|
Davide
Chiara, 7 Dicembre 2002: Rivelatorio |
Bim,
15 Ottobre 1999
|
Il
viaggio di Felicia
di Atom Egoyan
Dopo
"Il dolce domani", Atom Egoyan (partendo dal romanzo di William
Trevor) si cimenta in un genere in apparenza diverso, analizzando eventi
poco importanti ma che richiamano sempre quel disagio presente spesso
nei suoi film; spiazzando a più riprese lo spettatore con accadimenti,
appunti, capaci di mutare il semplice scorrere di un'intera esistenza.
Il regista e scrittore, infatti, soffermandosi su paranoie esistenziali,
tratta le difficoltà di chi vuole allontanarsi da casa e di chi,
invece, è terrorizzato da quanto vi è all'esterno.
Felicia,
interpretata da Elaine Cassidy - "The Others"

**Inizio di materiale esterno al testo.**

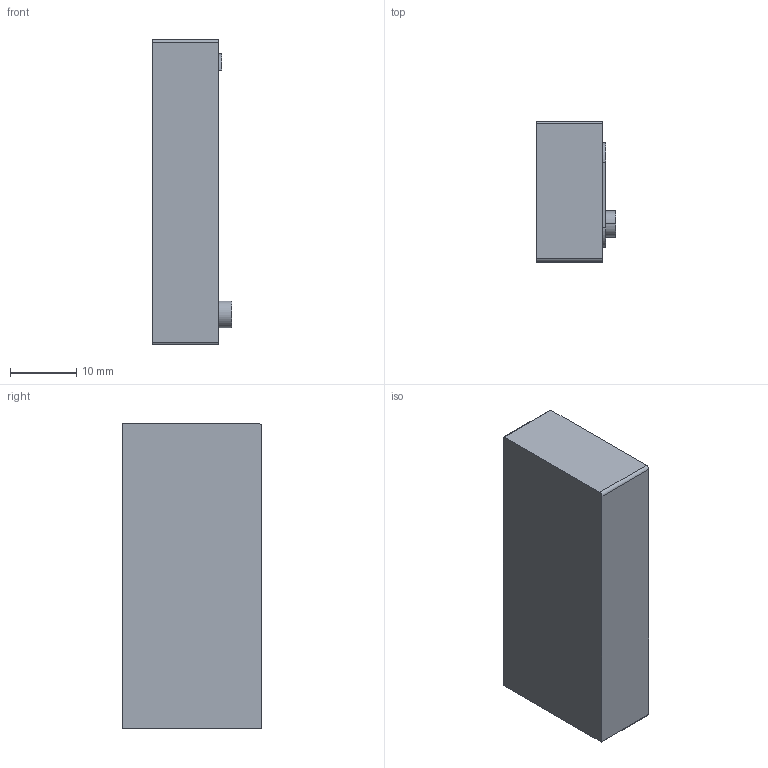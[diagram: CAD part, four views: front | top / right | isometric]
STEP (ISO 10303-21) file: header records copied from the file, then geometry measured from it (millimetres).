
FILE_DESCRIPTION( ( '' ), '1' );
FILE_NAME( 'D:/temp/hettich_stp/hettich/prodecor_handles/prodecor_accessories/collers_sleeves/115028.stp', '2013-02-26T12:53:41', ( '' ), ( '' ), ' ', ' ', ' ' );
FILE_SCHEMA( ( 'automotive_design' ) );
Length unit declared in the file: millimetre
Products named in the file (1): 1
Bounding box: 12 x 21.1 x 46 mm (x, y, z)
Volume: 9738.7 mm3; surface area: 3321.2 mm2
Topology: 1 solids, 1 shells, 22 faces, 54 edges, 36 vertices
Faces by surface type: plane 12, cylinder 10
Entity records: 1308 total; most frequent: DIRECTION 120, STYLED_ITEM 113, PRESENTATION_STYLE_ASSIGNMENT 113, CARTESIAN_POINT 113, COLOUR_RGB 113, ORIENTED_EDGE 108, EDGE_CURVE 54, CURVE_STYLE 54

-, bellissima diciassettenne irlandese, partita alla ricerca del suo
ragazzo emigrato in Inghilterra, intreccerà la propria vita con
quella del signor Hilditch (Bob Hoskins), un cinquantenne gentile e
pronto ad ospitarla, che l'aiuterà in quelle inutili ricerche.
Da
premio Oscar l'impareggiabile interpretazione di Hoskins, calatosi in
un complicato personaggio vittima/assassino delle sue stesse angosce
e di una sorta d'autolesionismo psicologico.
Il
peso del luogo di provenienza e di genitori troppo oppressivi, saranno
la causa dei problemi dei due protagonisti, nonché l'unico vero
appoggio che, infine, potrà confortarli. Anche se, desiderosi
di protezione, troveranno sostegno l'uno nell'altra, instaurando una
specie di rapporto morboso che li isolerà dal mondo esterno.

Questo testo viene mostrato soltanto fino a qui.